------ PROVIDED DATA

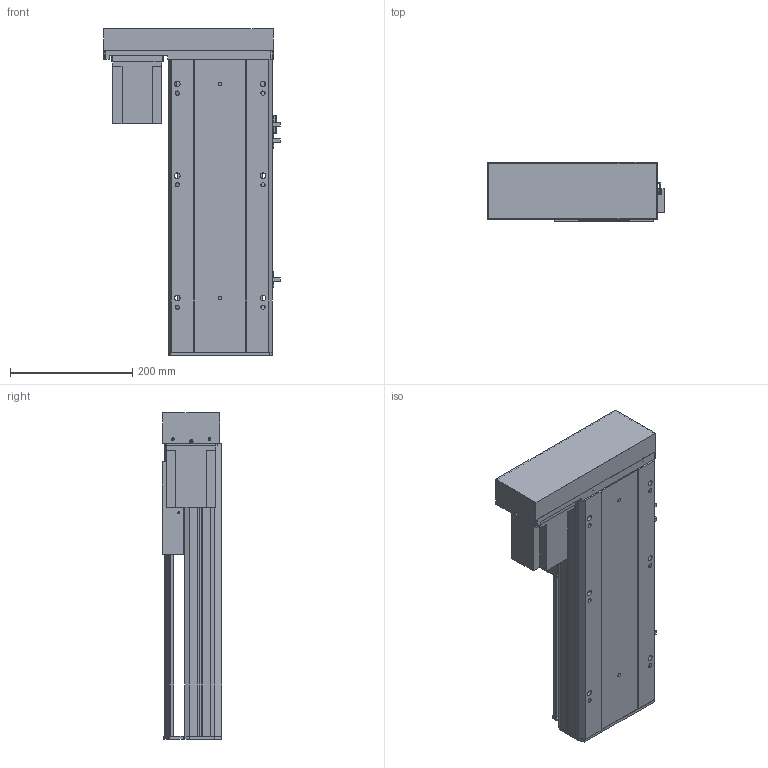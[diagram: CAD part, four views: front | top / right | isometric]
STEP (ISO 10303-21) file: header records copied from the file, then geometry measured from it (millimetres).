
FILE_DESCRIPTION (( 'STEP AP203' ), '1' );
FILE_NAME ('Y170-D10-S250-BL-P750W.STEP', '2020-01-17T13:00:14', ( '微软用户' ), ( '微软中国' ), 'SwSTEP 2.0', 'SolidWorks 2017', '' );
FILE_SCHEMA (( 'CONFIG_CONTROL_DESIGN' ));
Length unit declared in the file: millimetre
Products named in the file (12): 侂狟750W; EGH20賑輸_蕼偞; Y雄赽釱-耜蚾; Y-BL.BR-俋欶; Y170耜裔--準---; Y170-陔遴奻裔-BR; YD-Y100-135-新外置传感挡片(通用）; Y--BL蟀諉啣-陔遴-; Y100-135俋离換覜ん; Y170-D10-S250-BL-P750W; 170--掛极-BR; Y170-BL-P750W楊擘啣
Assembly tree (14 placements, depth 2):
  Y170-D10-S250-BL-P750W
    Y170耜裔--準---
    YD-Y100-135-新外置传感挡片(通用）
    Y100-135俋离換覜ん  x3
    170--掛极-BR
    Y170-BL-P750W楊擘啣
    侂狟750W
    EGH20賑輸_蕼偞  x2
    Y雄赽釱-耜蚾
    Y-BL.BR-俋欶
    Y170-陔遴奻裔-BR
    Y--BL蟀諉啣-陔遴-
Bounding box: 289 x 97 x 533.5 mm (x, y, z)
Volume: 3294433.1 mm3; surface area: 1060992.6 mm2
Topology: 14 solids, 14 shells, 885 faces, 2450 edges, 1616 vertices
Faces by surface type: plane 443, cylinder 426, cone 16
Entity records: 27450 total; most frequent: CARTESIAN_POINT 4694, DIRECTION 4588, ORIENTED_EDGE 4396, EDGE_CURVE 2198, AXIS2_PLACEMENT_3D 1618, VERTEX_POINT 1460, LINE 1352, VECTOR 1352

------------

WHAT THE TASK REQUIRES: Reproduce all the records verbatim, excluding images.

FINISHED EXERCISE:
[diagram: CAD part, four views: front | top / right | isometric]
STEP (ISO 10303-21) file: header records copied from the file, then geometry measured from it (millimetres).
FILE_DESCRIPTION (( 'STEP AP203' ), '1' );
FILE_NAME ('Y170-D10-S250-BL-P750W.STEP', '2020-01-17T13:00:14', ( '微软用户' ), ( '微软中国' ), 'SwSTEP 2.0', 'SolidWorks 2017', '' );
FILE_SCHEMA (( 'CONFIG_CONTROL_DESIGN' ));
Length unit declared in the file: millimetre
Products named in the file (12): 侂狟750W; EGH20賑輸_蕼偞; Y雄赽釱-耜蚾; Y-BL.BR-俋欶; Y170耜裔--準---; Y170-陔遴奻裔-BR; YD-Y100-135-新外置传感挡片(通用）; Y--BL蟀諉啣-陔遴-; Y100-135俋离換覜ん; Y170-D10-S250-BL-P750W; 170--掛极-BR; Y170-BL-P750W楊擘啣
Assembly tree (14 placements, depth 2):
  Y170-D10-S250-BL-P750W
    Y170耜裔--準---
    YD-Y100-135-新外置传感挡片(通用）
    Y100-135俋离換覜ん  x3
    170--掛极-BR
    Y170-BL-P750W楊擘啣
    侂狟750W
    EGH20賑輸_蕼偞  x2
    Y雄赽釱-耜蚾
    Y-BL.BR-俋欶
    Y170-陔遴奻裔-BR
    Y--BL蟀諉啣-陔遴-
Bounding box: 289 x 97 x 533.5 mm (x, y, z)
Volume: 3294433.1 mm3; surface area: 1060992.6 mm2
Topology: 14 solids, 14 shells, 885 faces, 2450 edges, 1616 vertices
Faces by surface type: plane 443, cylinder 426, cone 16
Entity records: 27450 total; most frequent: CARTESIAN_POINT 4694, DIRECTION 4588, ORIENTED_EDGE 4396, EDGE_CURVE 2198, AXIS2_PLACEMENT_3D 1618, VERTEX_POINT 1460, LINE 1352, VECTOR 1352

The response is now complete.